Volatile or Essential Oils.

These oils are distinguished from those described in the previous section in that they are capable of distillation without undergoing any serious amount of decomposition. They occur to some considerable extent in nature, but those of most importance to the leather trade are produced by the decomposition of more complicated materials.

Birch Oil is by far the most important of this class of oils so far as the leather-dresser is concerned, since it is the substance which gives to “Russian leather” its characteristic odour.

The oil is obtained by destructive distillation, and the process by which the peasants conduct this is one of the rudest that can be imagined. A cauldron is filled with dry birch-bark, closed, and heated over a fire. The vapours which are evolved are carried, by means of a pipe, to another vessel which is buried in the ground, and are there condensed. The dark-brown liquid (birch-tar) is allowed to cool, and the liquor which rises to the surface skimmed off. The tar is sometimes distilled, and an oil is thus obtained which does not give the true birch-oil scent very strongly though occasionally sold as a refined oil. The true odorous substance is evidently of very high boiling point and remains mainly in the tar.

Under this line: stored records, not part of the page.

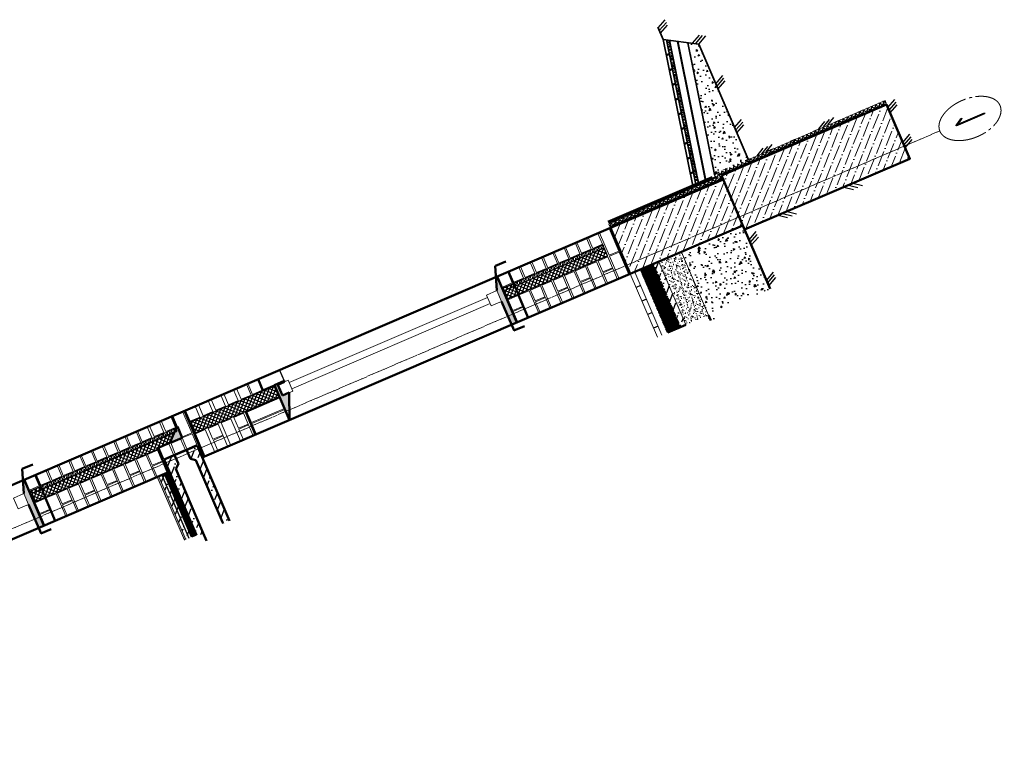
# Model space of a CAD drawing. Header units: millimetres. Extents: x -2096172177 to 2055029645, y -728784453 to 1899906214.
# Tile 2 of 109: x -223956446 to -220910425, y -702340259 to -700059740. Entities that reach past the tile are written whole.
import ezdxf
from ezdxf.enums import TextEntityAlignment as Align

# ---------------------------------------------------------------- set-up
doc = ezdxf.new("R2010")
doc.units = ezdxf.units.MM
doc.linetypes.add('ACAD_ISO03W100', pattern=[30, 12, -18])
doc.linetypes.add('DASHDOT_axis', pattern=[24, 20, -1.5, 1, -1.5])
for name, color, linetype, lineweight in [('дюбеля', 20, 'Continuous', 25), ('Кирпич', 10, 'Continuous', 20), ('линии', 3, 'Continuous', 20), ('Наружные стены', 1, 'Continuous', 50), ('окна', 4, 'Continuous', 20), ('Оси', 40, 'Continuous', 18), ('Уровни пола', 240, 'Continuous', 50), ('Штриховки', 212, 'Continuous', 25)]:
    doc.layers.add(name, color=color, linetype=linetype, lineweight=lineweight)
doc.styles.add('GOST-2.304_Type-B', font='GOST Common.ttf')
doc.linetypes.add('ограждение1', pattern='A,6.35,-2.54,[133,ltypeshp.shx,S=2.54,R=0,X=-2.54,Y=0],-2.54,25.4', length=36.83)
pattern_1 = [(45, (1000.42, -18322.34), (33.6759605, 123.4785217), [158.75, -31.75, 0, -31.75])]

# ---------------------------------------------------------------- blocks, each defined once
blk = doc.blocks.new('Фасад (на основе 1 эт)')
at = {"layer": 'Наружные стены', "lineweight": 20, "ltscale": 10}
h = blk.add_hatch(dxfattribs=at)
h.set_pattern_fill('AR-SAND', color=5)
h.set_pattern_definition([(37.5, (1000.42, -18322.34), (-1.6000313, 48.9413237), [0, -38.608, 0, -43.18, 0, -41.275]), (7.5, (1000.42, -18322.34), (44.9523283, 71.68251), [0, -20.828, 0, -34.798, 0, -13.335]), (327.5, (969.18, -18322.34), (79.099237, 0.1437185), [0, -12.7, 0, -45.72, 0, -59.69]), (317.5, (969.18, -18322.34), (76.3556452, 22.2929323), [0, -6.35, 0, -29.972, 0, -34.29])])
h.paths.add_polyline_path([(1834137.584, 954037.982), (1834197.584, 954037.982), (1834137.584, 954052.982), (1834137.584, 954187.982), (1833437.584, 954187.982), (1833437.584, 954037.982)])
at = {"layer": 'Уровни пола'}
h = blk.add_hatch(color=5, dxfattribs=at)
h.dxf.hatch_style = 1
h.paths.add_polyline_path([(1833437.584, 958317.982), (1833177.741, 958317.982), (1833057.584, 958317.982), (1832927.584, 958290.588), (1832927.584, 958283.011), (1833437.584, 958283.011)])
at = {"layer": 'Уровни пола', "linetype": 'ограждение1', "ltscale": 10}
h = blk.add_hatch(dxfattribs=at)
h.set_pattern_fill('DOTS', color=5, scale=15)
h.set_pattern_definition([(0, (2203.427, -16652.5), (11.90625, 23.8125), [0, -23.8125])])
h.paths.add_polyline_path([(1833087.584, 958207.529), (1833057.584, 958207.529), (1833057.584, 957305.783), (1833087.585, 957305.783)])
at = {"layer": 'Уровни пола'}
h = blk.add_hatch(color=5, dxfattribs=at)
h.dxf.hatch_style = 1
h.paths.add_polyline_path([(1833172.584, 957370.482), (1833172.584, 957371.27), (1833162.094, 957371.27), (1833047.163, 957299.307), (1833047.163, 957292.982), (1833172.584, 957292.982), (1833172.584, 957305.482), (1833172.584, 957305.482)])
h = blk.add_hatch(color=5, dxfattribs=at)
h.dxf.hatch_style = 1
h.paths.add_polyline_path([(1833436.927, 956647.397), (1833436.927, 956647.561), (1833047.584, 956647.561), (1833047.584, 956582.982), (1833057.584, 956582.982), (1833057.584, 956627.982), (1833177.584, 956627.982), (1833177.584, 956582.982)])
h = blk.add_hatch(color=5, dxfattribs=at)
h.dxf.hatch_style = 1
h.paths.add_polyline_path([(1833437.584, 955167.982), (1833177.741, 955167.982), (1833057.584, 955167.982), (1832927.584, 955140.588), (1832927.584, 955133.011), (1833437.584, 955133.011)])
at = {"layer": 'Уровни пола', "linetype": 'ограждение1', "ltscale": 10}
h = blk.add_hatch(dxfattribs=at)
h.set_pattern_fill('DOTS', color=5, scale=15)
h.set_pattern_definition([(0, (2203.426, -19722.9), (11.90625, 23.8125), [0, -23.8125])])
h.paths.add_polyline_path([(1833087.584, 955063.181), (1833057.584, 955063.181), (1833057.584, 954462.582), (1833087.584, 954462.582)])
at = {"layer": 'Штриховки', "linetype": 'Continuous', "lineweight": 25}
h = blk.add_hatch(dxfattribs=at)
h.set_pattern_fill('ANSI37', color=256, scale=0.5)
h.set_pattern_definition([(45, (2203.427, -16652.5), (-22.4506403, 22.4506403), []), (135, (2203.427, -16652.5), (-22.4506403, -22.4506403), [])])
h.paths.add_polyline_path([(1833087.585, 958272.984), (1833057.584, 958272.984), (1833057.584, 958207.529), (1833087.585, 958207.529)])
h = blk.add_hatch(dxfattribs=at)
h.set_pattern_fill('ANSI37', color=256, scale=0.5)
h.set_pattern_definition([(45, (1000.422, -18322.34), (-22.4506403, 22.4506403), []), (135, (1000.422, -18322.34), (-22.4506403, -22.4506403), [])])
h.paths.add_polyline_path([(1833177.585, 958272.984), (1833087.585, 958272.984), (1833087.585, 957324.616), (1833162.094, 957371.27), (1833168.113, 957375.039), (1833168.113, 957452.982), (1833177.585, 957452.982)])
at = {"layer": 'Штриховки'}
h = blk.add_hatch(color=6, dxfattribs=at)
h.dxf.hatch_style = 1
h.paths.add_polyline_path([(1833437.584, 957527.982), (1833437.584, 957517.982), (1834137.584, 957517.982), (1834137.584, 957527.982)])
h = blk.add_hatch(dxfattribs=at)
h.set_pattern_fill('ANSI36', color=5, scale=20)
h.set_pattern_definition(pattern_1)
h.paths.add_polyline_path([(1833437.584, 957517.982), (1833437.584, 957477.982), (1834137.584, 957477.982), (1834137.584, 957517.982)])
h = blk.add_hatch(dxfattribs=at)
h.set_pattern_fill('ANSI36', color=5, scale=20)
h.set_pattern_definition(pattern_1)
h.paths.add_polyline_path([(1834123.606, 957405.25), (1834228.513, 957405.25), (1834137.584, 957427.982), (1834137.584, 957447.982), (1833437.584, 957447.982), (1833302.584, 957447.982), (1833302.584, 957377.833), (1833400.21, 957377.833), (1833436.488, 957405.25)])
h.paths.add_polyline_path([(1834137.584, 957270.416), (1834115.064, 957270.416), (1833436.488, 957270.416), (1833400.21, 957297.833), (1833302.584, 957297.833), (1833302.584, 957227.982), (1834137.584, 957227.982)])
at = {"layer": 'Штриховки', "linetype": 'Continuous', "lineweight": 25}
h = blk.add_hatch(dxfattribs=at)
h.set_pattern_fill('ANSI37', color=256, scale=0.3)
h.set_pattern_definition([(45, (1000.4216, -18322.3406), (-0.6735192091, 0.6735192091), []), (135, (1000.4216, -18322.3406), (-0.6735192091, -0.6735192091), [])])
h.paths.add_polyline_path([(1834137.584, 957477.982), (1833437.584, 957477.982), (1833437.584, 957462.983), (1833437.584, 957447.982), (1834137.584, 957447.982)])
h = blk.add_hatch(dxfattribs=at)
h.set_pattern_fill('ANSI37', color=256, scale=0.5)
h.set_pattern_definition([(45, (1000.422, -18371.694), (-22.4506403, 22.4506403), []), (135, (1000.422, -18371.694), (-22.4506403, -22.4506403), [])])
h.paths.add_polyline_path([(1833057.584, 956647.982), (1833176.927, 956647.982), (1833176.927, 957208.581), (1833057.584, 957208.581)])
h = blk.add_hatch(dxfattribs=at)
h.set_pattern_fill('ANSI37', color=256, scale=0.5)
h.set_pattern_definition([(45, (2203.426, -19722.9), (-22.4506403, 22.4506403), []), (135, (2203.426, -19722.9), (-22.4506403, -22.4506403), [])])
h.paths.add_polyline_path([(1833177.584, 955127.651), (1833087.584, 955127.651), (1833087.584, 955118.181), (1833087.584, 954462.582), (1833177.584, 954462.582)])
h.paths.add_polyline_path([(1833087.584, 955127.552), (1833057.584, 955127.552), (1833057.584, 955063.181), (1833087.584, 955063.181)])
h = blk.add_hatch(dxfattribs=at)
h.set_pattern_fill('ANSI37', color=256, scale=0.5)
h.set_pattern_definition([(45, (1143.028, -17657.313), (-22.4506403, 22.4506403), []), (135, (1143.028, -17657.313), (-22.4506403, -22.4506403), [])])
h.paths.add_polyline_path([(1832911.861, 954377.982), (1832884.546, 954377.982), (1832884.546, 953637.981), (1832911.861, 953637.981)])
at = {"layer": 'Штриховки', "lineweight": 20, "ltscale": 10}
h = blk.add_hatch(dxfattribs=at)
h.set_pattern_fill('ANSI36', color=5, scale=20)
h.set_pattern_definition(pattern_1)
h.paths.add_polyline_path([(1833437.584, 954377.982), (1832927.584, 954377.982), (1832927.584, 953627.632), (1833437.584, 953627.632)])
at = {"layer": 'Штриховки', "linetype": 'Continuous', "lineweight": 25}
h = blk.add_hatch(dxfattribs=at)
h.set_pattern_fill('ANSI37', color=256, scale=0.5)
h.set_pattern_definition([(45, (1000.4216, -18322.3406), (-1.1225320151, 1.1225320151), []), (135, (1000.4216, -18322.3406), (-1.1225320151, -1.1225320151), [])])
h.paths.add_polyline_path([(1833437.584, 954307.982), (1833437.584, 954227.982), (1834137.584, 954227.982), (1834137.584, 954307.982)])
at = {"layer": 'Штриховки'}
h = blk.add_hatch(dxfattribs=at)
h.set_pattern_fill('ANSI36', color=5, scale=20)
h.set_pattern_definition(pattern_1)
h.paths.add_polyline_path([(1834137.584, 954227.982), (1834137.584, 954307.982), (1833437.584, 954307.982), (1833437.584, 954227.982)])
h = blk.add_hatch(dxfattribs=at)
h.set_pattern_fill('ANSI36', color=5, scale=20)
h.set_pattern_definition(pattern_1)
h.paths.add_polyline_path([(1834137.584, 954187.982), (1834137.584, 954227.982), (1833437.584, 954227.982), (1833437.584, 954187.982)])
h = blk.add_hatch(dxfattribs=at)
h.set_pattern_fill('AR-CONC', color=5)
h.set_pattern_definition([(50, (1000.42, -18322.34), (182.184669, -15.939086), [19.05, -209.55]), (355, (1000.42, -18322.34), (-35.243421, 191.056845), [15.24, -167.640584]), (100.451445, (1015.6, -18323.67), (146.941247, 175.117752), [16.190009, -178.090245]), (46.1842, (1000.42, -18271.54), (271.07904, -42.042328), [28.575, -314.325]), (96.635558, (1023, -18275.04), (237.404134, 247.426125), [24.285023, -267.13561]), (351.184151, (1000.42, -18271.54), (237.404134, 247.426125), [22.859967, -251.459732]), (21, (1025.82, -18284.24), (151.614391, -102.265198), [19.05, -209.55]), (326, (1025.82, -18284.24), (61.802028, 184.187966), [15.24, -167.64]), (71.451445, (1038.46, -18292.76), (213.41642, 81.922769), [16.190009, -178.089938]), (37.5, (1000.42, -18322.34), (3.0886033, 84.5550389), [0, -165.608, 0, -170.18, 0, -168.275]), (7.5, (1000.42, -18322.34), (66.8196625, 100.180575), [0, -97.028, 0, -161.798, 0, -64.135]), (327.5, (943.78, -18322.34), (135.5905952, -5.728744), [0, -63.5, 0, -198.12, 0, -262.89]), (317.5, (918.38, -18322.34), (148.1291814, 25.426491), [0, -82.55, 0, -131.572, 0, -186.69])])
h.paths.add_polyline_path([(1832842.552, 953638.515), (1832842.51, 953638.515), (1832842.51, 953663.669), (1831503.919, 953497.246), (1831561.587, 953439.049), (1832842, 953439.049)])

The birch tar is almost entirely used for giving leathers a “Russian” odour, for although it smells somewhat strongly of tarry products, the oils causing this smell are far more volatile than the birch scent itself, and therefore disappear on storing the leather a short time. Tar obtained from various species of pine is sometimes substituted for birch tar, but it may readily be distinguished from the latter by the odour and the difference in the specific gravity. Birch tar has a specific gravity of 0·925 to 0·945, whilst fir tar has one of 1·02 to 1·05; thus the former floats on water while the latter sinks if it be entirely free from enclosed air. Fir tar, too, gives up a yellow colouring matter to water shaken up with it, while birch tar leaves the water colourless. Birch tar has a distinctly acid reaction, and must not be kept in iron vessels. (See [p. 251]).

The leaves and twigs of American black birch when distilled with water or steam, yield an oil which is practically identical with that of Gaultheria procumbens (wintergreen), and consists almost entirely of methyl salicylate. It is clarified, and to some extent decolorised, by filtration through woollen blankets and redistillation. A ton of brushwood is said to yield about four pounds of oil. This oil has quite a different odour to that of the real Russian oil, and cannot be used in the scenting of “Russia” leather. Sandalwood oil with a little black birch or wintergreen oil is sometimes employed for scenting small fancy articles and bears considerable resemblance to the true “Russia” leather odour. Black birch, aniseed, sassafras and various other essential oils are occasionally used in small quantities as preservatives, and to cover disagreeable odour in blood-seasonings, cements and other products used in the leather trade. The methods employed for their detection and estimation do not, however, come within the scope of a work such as the present one. Most essential oils have considerable power as antiseptics, and in preventing mildew and the attacks of insects.

Mineral Oils and Waxes.

This class of bodies is totally different in chemical constitution from the true oils and waxes, containing neither glycerides, fatty acids nor alcohols, but consisting of carbon and hydrogen only, approximately in the proportion of one atom of the former to two of the latter. They occur in underground lakes, from which they are obtained by springs or borings; or in shales, from which they are separated by distillation. It is commonly supposed that they have been formed, at some remote period of the earth’s history, by the decomposition of animal and vegetable matters, at a high temperature and under great pressure.[167]

[167] Oils from wells or springs are technically called “petroleum oils,” those from shale, “paraffin” oils, but chemically, there is no definite distinction.

The mineral oils and waxes are largely capable of being distilled without decomposition, but if heated to high temperatures, are readily “cracked” or broken up into simpler and generally more volatile compounds—a fact which is employed in the production of gas, and the utilisation of some of the heavier products.